No one could diagnose why until Pickett was taken to the Mayo Clinic in Rochester, Minn. The family lived in Gallup, N.M., at the time.
"By the time I was 10, I went from public school to the New Mexico School for the Blind," she says.
She went on to the New Mexico Highland University. After getting married, she moved to Watertown, Mass., to attend Perkins School For the Blind, best known as Helen Keller’s alma mater. She and her husband moved to Oklahoma, where she got a job as teacher’s aide at Oklahoma School for the Blind. She also earned a degree in sociology, with minors in music and home economics at Northeastern State University.
"That's when I started my family," says Pickett, who now has a daughter and granddaughter.
She also has gotten involved in all sorts of church and civic activities.
"Ms. Pickett volunteers extensively in our community," Isaacs said. "She is a member of the Red Hat Society, Civitan Club, New Friends, Eastern Star and First Baptist Church."
Pickett adds the Knife and Fork Club, and Musical Arts Association, for which she volunteers to make calls to remind people about meetings.
She says she enjoys them all, though the Red Hat Society generates her biggest smile. You can tell society members by their red hats and purple dresses. The nationwide society is geared to helping women over 50 have fun together.
And Pickett proudly gets out her red alligator-patterned hat.
"We're older ladies and we just have a hoot and holler and good times together," she says.
For example, earlier this week, the local Red Hat Society chapter celebrated Oklahoma's centennial with a party at Jasper's.
Pickett also plays piano for her Sunday school class and for friends. She said she especially likes Christian music such as hymns and gospel songs, as well as good old sing-along songs.
She also has samples of her embroidery displayed through the house. One framed piece, showing the Lord’s Prayer, took almost a year to do, she says. She also sews blankets for friends and charitable projects.
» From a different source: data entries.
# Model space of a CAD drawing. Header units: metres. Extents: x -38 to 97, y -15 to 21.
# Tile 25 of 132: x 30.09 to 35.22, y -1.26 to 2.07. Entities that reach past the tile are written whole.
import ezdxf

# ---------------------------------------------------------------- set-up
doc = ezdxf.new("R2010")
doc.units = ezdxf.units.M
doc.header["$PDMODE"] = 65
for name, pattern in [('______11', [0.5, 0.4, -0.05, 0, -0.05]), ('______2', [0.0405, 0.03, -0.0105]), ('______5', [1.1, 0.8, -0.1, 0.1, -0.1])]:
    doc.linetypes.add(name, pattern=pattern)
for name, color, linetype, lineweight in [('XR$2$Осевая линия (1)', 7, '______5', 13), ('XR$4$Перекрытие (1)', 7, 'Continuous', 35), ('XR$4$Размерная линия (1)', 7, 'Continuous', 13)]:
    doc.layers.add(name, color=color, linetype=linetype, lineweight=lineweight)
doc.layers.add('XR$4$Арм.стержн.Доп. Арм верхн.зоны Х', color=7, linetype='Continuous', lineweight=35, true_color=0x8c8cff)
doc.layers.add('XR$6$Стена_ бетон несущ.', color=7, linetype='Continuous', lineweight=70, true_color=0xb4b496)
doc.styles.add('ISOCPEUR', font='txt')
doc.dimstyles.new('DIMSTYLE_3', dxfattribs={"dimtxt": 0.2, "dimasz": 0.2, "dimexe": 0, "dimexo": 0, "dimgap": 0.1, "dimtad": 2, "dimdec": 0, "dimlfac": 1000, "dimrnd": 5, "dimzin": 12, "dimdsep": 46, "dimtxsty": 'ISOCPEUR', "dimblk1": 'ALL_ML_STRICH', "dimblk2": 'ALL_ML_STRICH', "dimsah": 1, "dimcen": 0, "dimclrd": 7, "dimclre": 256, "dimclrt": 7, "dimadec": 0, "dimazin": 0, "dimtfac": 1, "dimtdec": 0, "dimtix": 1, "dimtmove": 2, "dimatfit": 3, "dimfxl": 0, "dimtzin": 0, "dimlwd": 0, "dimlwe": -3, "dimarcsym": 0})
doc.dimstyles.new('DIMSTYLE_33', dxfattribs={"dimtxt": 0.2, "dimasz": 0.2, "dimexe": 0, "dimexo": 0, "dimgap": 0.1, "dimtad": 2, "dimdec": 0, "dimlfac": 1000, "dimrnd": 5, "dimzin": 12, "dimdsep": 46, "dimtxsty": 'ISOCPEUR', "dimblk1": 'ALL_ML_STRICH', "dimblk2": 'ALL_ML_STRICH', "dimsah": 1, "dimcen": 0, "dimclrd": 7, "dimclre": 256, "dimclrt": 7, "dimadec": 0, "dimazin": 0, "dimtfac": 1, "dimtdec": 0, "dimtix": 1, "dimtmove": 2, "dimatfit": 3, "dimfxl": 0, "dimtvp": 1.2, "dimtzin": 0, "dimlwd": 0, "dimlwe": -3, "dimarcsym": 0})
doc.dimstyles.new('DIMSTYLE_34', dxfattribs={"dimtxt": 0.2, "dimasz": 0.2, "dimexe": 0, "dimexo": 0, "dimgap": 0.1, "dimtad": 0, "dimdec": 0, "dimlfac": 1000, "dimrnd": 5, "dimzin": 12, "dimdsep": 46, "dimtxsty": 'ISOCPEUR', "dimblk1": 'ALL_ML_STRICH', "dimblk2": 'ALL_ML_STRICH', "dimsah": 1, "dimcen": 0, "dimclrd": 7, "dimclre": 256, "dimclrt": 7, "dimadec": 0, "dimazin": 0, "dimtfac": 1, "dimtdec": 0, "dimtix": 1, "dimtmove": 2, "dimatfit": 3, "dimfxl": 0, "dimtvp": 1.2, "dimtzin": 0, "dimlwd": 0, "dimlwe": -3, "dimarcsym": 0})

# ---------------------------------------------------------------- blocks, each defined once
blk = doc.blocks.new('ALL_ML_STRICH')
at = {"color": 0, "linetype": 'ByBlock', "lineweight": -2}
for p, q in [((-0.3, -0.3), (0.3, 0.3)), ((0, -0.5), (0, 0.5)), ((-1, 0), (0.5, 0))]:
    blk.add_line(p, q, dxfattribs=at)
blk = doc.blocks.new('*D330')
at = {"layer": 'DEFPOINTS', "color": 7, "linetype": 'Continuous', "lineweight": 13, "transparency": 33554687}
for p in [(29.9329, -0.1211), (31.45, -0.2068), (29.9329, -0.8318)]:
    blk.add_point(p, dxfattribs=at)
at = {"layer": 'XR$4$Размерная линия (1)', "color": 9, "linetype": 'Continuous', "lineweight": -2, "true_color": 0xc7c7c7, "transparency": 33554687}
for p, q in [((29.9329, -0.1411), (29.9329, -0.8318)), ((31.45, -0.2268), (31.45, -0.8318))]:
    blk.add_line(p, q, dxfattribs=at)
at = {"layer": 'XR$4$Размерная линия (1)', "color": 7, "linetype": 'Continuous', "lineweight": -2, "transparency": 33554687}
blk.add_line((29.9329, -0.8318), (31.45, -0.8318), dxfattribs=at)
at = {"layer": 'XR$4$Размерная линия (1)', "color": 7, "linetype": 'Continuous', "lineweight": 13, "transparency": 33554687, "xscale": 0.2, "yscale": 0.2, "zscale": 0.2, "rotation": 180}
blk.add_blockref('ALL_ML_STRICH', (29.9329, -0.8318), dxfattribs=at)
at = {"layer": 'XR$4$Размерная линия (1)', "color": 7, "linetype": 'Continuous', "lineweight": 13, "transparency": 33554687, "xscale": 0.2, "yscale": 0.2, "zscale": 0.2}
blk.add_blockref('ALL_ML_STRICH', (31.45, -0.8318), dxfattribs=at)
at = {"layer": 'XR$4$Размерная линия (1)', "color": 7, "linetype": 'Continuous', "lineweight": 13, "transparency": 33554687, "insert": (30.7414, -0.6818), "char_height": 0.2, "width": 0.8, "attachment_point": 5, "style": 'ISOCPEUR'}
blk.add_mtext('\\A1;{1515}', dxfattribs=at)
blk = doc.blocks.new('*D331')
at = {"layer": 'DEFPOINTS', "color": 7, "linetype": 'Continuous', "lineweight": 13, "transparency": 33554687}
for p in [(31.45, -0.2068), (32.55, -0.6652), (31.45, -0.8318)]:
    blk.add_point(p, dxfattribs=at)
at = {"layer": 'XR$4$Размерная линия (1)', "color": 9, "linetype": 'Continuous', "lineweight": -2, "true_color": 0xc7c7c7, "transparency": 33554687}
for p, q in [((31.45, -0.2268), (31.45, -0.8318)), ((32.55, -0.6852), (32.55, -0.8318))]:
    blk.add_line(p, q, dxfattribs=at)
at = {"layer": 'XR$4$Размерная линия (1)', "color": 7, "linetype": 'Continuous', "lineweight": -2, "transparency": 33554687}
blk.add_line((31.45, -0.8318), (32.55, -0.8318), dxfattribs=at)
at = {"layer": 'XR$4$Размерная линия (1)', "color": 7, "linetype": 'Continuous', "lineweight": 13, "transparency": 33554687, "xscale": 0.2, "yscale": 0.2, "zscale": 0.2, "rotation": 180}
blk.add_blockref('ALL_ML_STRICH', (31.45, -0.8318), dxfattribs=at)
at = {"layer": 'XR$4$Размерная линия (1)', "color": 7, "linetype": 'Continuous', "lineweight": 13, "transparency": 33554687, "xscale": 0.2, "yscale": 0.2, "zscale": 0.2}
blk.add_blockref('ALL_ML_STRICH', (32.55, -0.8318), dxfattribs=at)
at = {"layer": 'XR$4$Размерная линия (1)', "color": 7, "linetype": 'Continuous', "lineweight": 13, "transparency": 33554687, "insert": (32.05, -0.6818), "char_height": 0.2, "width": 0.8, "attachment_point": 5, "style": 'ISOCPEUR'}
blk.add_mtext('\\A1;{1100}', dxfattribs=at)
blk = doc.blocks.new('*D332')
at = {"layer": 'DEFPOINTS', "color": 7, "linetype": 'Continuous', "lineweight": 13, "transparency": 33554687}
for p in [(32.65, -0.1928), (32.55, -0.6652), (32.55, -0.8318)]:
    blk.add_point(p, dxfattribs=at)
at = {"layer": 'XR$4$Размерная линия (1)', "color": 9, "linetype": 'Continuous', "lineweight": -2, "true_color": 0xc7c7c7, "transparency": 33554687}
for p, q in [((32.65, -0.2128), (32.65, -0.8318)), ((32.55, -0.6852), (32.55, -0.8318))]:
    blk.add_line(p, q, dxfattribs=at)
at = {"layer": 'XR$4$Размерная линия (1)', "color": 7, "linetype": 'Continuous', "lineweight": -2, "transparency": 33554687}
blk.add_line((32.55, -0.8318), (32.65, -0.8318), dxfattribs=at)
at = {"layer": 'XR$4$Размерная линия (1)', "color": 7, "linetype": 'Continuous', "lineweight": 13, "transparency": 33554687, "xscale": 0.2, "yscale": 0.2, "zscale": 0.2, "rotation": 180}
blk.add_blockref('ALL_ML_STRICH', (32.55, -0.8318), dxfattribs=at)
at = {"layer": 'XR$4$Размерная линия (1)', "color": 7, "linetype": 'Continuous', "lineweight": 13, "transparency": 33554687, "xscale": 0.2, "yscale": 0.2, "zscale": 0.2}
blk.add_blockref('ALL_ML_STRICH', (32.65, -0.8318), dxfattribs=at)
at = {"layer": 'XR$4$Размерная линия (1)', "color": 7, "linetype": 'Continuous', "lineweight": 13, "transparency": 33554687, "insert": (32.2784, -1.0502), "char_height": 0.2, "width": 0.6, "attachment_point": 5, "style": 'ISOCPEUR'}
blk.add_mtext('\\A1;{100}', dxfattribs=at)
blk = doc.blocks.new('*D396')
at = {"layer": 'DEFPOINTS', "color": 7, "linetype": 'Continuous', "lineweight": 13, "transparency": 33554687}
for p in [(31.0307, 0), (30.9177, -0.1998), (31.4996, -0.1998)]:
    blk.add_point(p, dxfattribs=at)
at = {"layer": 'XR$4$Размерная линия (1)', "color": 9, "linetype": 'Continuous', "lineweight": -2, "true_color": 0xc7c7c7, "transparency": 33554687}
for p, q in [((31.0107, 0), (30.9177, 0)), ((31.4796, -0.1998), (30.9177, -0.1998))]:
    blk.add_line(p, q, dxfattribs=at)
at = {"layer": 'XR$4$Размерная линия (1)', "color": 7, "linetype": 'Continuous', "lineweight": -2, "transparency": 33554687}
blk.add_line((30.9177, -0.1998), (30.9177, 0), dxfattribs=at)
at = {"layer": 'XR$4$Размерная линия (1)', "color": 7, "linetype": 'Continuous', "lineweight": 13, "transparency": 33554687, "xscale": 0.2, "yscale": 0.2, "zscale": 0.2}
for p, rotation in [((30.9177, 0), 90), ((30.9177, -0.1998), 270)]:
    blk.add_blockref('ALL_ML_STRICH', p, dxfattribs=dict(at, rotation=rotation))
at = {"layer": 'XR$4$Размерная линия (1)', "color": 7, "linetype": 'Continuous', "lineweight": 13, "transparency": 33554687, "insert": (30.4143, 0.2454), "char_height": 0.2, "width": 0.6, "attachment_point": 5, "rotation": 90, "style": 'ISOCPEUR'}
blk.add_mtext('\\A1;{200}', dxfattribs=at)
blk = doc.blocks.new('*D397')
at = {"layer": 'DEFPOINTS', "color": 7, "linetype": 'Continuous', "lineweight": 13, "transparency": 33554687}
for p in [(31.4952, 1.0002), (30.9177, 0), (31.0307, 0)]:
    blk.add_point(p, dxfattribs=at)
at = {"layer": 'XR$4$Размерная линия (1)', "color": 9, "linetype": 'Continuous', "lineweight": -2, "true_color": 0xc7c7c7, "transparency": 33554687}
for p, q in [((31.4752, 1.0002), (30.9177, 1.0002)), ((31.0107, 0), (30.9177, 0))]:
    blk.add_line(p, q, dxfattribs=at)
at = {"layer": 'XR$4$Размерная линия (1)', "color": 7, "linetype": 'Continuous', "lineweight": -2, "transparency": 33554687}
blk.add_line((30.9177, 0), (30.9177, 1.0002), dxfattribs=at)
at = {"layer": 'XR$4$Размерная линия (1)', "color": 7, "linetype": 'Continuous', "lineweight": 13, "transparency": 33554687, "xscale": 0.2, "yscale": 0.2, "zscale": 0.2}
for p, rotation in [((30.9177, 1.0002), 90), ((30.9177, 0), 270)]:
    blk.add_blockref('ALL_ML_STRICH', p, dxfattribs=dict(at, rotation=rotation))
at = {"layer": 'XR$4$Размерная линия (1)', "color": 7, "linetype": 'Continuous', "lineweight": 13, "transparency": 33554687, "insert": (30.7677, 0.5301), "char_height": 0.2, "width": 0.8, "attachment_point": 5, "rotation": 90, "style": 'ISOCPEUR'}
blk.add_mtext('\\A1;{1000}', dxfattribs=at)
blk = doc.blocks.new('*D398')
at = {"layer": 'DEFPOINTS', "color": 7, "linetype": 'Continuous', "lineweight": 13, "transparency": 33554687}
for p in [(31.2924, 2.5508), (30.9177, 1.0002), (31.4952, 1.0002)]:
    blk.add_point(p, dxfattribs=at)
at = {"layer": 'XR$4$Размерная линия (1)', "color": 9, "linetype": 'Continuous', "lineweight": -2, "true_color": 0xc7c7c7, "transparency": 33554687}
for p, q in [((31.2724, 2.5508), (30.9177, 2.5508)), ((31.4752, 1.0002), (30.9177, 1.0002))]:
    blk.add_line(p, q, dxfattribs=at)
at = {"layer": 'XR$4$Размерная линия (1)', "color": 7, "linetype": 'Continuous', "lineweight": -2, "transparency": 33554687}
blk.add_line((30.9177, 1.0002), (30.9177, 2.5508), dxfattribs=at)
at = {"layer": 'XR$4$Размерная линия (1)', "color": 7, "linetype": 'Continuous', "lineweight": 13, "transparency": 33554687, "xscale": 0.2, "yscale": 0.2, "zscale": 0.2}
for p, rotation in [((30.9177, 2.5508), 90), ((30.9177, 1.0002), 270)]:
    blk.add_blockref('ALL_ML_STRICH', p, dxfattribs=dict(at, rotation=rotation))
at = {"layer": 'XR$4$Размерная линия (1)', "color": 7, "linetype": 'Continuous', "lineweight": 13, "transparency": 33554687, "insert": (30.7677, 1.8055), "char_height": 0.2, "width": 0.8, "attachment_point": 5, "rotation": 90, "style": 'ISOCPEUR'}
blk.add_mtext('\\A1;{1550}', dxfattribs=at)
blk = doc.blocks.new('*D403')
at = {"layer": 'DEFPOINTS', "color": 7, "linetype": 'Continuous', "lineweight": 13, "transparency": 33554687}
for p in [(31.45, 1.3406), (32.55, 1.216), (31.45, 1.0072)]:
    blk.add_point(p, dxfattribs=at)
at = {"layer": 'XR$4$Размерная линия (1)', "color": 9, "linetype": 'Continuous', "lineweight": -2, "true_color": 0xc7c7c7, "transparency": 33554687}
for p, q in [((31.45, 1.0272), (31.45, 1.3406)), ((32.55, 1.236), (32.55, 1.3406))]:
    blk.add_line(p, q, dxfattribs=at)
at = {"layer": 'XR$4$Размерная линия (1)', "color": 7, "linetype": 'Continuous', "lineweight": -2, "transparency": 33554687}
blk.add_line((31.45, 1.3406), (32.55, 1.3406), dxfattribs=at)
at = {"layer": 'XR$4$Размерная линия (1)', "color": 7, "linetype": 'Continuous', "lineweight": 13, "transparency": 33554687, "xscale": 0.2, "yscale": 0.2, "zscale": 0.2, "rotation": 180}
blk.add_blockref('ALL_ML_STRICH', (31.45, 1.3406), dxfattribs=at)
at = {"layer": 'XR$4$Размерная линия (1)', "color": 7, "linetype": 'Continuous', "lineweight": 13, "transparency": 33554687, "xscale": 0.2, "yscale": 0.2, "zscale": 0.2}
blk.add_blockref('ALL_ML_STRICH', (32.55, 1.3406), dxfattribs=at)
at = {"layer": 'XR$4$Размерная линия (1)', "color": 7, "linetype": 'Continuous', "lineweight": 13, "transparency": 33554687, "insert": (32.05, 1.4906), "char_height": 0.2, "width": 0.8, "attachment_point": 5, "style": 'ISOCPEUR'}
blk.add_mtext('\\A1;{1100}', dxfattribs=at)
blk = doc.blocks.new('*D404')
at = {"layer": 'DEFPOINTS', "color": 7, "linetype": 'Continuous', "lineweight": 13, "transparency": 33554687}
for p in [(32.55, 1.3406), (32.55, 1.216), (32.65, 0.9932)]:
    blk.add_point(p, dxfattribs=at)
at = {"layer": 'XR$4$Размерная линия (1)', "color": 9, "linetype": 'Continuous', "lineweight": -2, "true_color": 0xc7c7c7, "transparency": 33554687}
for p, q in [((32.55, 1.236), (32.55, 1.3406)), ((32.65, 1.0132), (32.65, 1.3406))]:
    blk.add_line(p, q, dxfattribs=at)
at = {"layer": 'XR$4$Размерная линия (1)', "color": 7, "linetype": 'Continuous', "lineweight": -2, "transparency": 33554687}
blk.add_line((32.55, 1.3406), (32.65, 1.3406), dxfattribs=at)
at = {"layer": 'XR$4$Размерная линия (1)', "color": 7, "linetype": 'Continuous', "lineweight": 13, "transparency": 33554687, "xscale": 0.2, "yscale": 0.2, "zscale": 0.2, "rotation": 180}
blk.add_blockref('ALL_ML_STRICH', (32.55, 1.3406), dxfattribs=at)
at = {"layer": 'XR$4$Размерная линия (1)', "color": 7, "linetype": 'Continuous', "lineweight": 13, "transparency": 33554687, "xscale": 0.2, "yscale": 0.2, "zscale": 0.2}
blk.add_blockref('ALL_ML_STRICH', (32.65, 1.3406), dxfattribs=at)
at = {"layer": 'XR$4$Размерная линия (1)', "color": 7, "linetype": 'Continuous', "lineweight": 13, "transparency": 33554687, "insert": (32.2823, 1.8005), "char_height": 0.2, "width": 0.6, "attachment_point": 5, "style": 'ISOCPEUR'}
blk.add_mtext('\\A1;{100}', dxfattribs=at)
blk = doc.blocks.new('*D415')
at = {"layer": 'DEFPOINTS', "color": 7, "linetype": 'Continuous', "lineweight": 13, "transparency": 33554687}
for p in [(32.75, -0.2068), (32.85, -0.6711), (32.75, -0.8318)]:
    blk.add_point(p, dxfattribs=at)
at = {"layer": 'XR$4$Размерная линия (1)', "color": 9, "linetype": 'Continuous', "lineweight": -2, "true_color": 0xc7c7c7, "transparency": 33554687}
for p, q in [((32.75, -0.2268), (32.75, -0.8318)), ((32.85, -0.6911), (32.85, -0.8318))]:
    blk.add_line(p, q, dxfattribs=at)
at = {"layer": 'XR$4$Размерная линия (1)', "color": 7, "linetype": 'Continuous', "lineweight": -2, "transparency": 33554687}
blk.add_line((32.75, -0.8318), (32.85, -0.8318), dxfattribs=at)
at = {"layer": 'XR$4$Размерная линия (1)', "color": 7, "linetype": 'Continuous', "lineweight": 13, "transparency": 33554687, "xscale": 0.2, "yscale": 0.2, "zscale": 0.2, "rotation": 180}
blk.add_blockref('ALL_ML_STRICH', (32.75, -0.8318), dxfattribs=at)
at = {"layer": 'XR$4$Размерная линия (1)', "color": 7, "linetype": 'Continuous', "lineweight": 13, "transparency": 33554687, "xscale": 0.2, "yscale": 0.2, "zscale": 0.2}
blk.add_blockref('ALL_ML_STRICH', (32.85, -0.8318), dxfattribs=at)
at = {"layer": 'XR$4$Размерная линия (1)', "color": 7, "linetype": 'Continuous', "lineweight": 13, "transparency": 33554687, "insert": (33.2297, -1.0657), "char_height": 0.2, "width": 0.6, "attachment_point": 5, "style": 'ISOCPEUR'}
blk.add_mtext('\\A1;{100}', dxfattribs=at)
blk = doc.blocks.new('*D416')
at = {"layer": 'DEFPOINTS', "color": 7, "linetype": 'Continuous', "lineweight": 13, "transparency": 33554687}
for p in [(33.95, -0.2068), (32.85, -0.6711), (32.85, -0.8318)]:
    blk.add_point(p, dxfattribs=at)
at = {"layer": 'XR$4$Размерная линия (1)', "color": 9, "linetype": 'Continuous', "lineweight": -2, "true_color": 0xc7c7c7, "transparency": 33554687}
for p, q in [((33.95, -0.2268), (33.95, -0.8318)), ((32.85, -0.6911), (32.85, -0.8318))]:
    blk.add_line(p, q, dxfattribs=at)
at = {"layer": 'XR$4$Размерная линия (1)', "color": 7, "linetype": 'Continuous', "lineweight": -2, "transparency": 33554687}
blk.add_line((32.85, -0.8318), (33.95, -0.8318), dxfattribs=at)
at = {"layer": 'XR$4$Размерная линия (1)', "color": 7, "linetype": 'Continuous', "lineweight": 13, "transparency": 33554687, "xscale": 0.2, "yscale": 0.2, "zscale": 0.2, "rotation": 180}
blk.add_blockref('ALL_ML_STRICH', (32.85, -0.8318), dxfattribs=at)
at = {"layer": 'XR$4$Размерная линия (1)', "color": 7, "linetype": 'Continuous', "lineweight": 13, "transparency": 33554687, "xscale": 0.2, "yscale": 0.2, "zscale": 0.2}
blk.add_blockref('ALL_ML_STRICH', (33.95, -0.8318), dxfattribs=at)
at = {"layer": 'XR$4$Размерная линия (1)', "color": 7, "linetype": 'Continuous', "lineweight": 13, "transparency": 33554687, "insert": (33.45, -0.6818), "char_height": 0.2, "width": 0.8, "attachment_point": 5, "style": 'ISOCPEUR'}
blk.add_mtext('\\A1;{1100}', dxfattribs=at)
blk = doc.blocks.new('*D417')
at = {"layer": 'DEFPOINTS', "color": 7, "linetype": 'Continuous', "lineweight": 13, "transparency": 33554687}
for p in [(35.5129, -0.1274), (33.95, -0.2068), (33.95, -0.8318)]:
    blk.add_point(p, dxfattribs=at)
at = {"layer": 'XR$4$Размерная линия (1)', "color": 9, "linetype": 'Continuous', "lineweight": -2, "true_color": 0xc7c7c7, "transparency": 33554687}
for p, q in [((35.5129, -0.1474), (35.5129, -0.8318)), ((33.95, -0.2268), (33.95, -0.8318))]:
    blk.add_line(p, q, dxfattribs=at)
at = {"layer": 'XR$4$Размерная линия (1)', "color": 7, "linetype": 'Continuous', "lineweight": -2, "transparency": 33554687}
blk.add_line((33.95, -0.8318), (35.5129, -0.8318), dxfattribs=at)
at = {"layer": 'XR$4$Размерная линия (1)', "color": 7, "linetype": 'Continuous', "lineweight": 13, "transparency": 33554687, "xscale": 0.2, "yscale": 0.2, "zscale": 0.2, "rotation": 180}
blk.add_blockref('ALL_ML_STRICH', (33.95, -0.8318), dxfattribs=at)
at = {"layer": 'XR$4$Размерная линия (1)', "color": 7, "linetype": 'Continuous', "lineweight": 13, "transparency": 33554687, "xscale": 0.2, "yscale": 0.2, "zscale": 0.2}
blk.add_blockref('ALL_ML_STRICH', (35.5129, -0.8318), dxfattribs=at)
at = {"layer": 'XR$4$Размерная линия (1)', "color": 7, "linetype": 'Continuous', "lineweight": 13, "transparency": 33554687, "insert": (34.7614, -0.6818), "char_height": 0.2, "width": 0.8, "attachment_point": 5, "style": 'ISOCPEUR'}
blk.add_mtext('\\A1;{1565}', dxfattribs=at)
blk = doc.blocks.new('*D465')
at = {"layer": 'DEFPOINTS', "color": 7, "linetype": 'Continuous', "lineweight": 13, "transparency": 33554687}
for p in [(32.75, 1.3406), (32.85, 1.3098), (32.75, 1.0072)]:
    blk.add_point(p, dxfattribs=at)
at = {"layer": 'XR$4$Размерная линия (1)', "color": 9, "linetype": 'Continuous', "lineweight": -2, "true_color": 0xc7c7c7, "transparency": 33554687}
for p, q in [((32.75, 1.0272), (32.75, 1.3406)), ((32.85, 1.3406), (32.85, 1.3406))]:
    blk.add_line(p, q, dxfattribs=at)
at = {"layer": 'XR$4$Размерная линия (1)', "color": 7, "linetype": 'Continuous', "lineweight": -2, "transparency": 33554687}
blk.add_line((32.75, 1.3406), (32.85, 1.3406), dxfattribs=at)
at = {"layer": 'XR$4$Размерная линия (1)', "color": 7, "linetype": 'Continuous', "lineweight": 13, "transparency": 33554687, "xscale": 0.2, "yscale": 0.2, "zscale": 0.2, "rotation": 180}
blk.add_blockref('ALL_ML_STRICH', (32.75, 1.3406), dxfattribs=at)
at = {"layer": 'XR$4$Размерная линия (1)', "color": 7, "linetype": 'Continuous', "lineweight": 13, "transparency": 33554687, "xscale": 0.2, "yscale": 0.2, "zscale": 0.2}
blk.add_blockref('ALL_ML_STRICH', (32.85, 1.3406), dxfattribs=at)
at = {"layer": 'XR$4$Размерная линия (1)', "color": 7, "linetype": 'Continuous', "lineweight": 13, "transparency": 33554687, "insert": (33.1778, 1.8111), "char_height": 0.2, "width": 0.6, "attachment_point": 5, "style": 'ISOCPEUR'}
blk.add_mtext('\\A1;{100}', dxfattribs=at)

One thing Pickett says she learned from her mother was self-sufficiency.
"Mama always told me she knew I was going to go blind," she says. "She let me do what I wanted to do, but told me I had to do it myself. That's when I started to embroider."
She says, however, she relies on that one source of her contentment.
"My favorite verse is ~Thy Word is a lamp unto my feet,'" she says. "The Lord reminds me of that every day."
On January 12, 2011, Charlene entered the heavenly presence of her Beloved Lord and Savior Jesus Christ.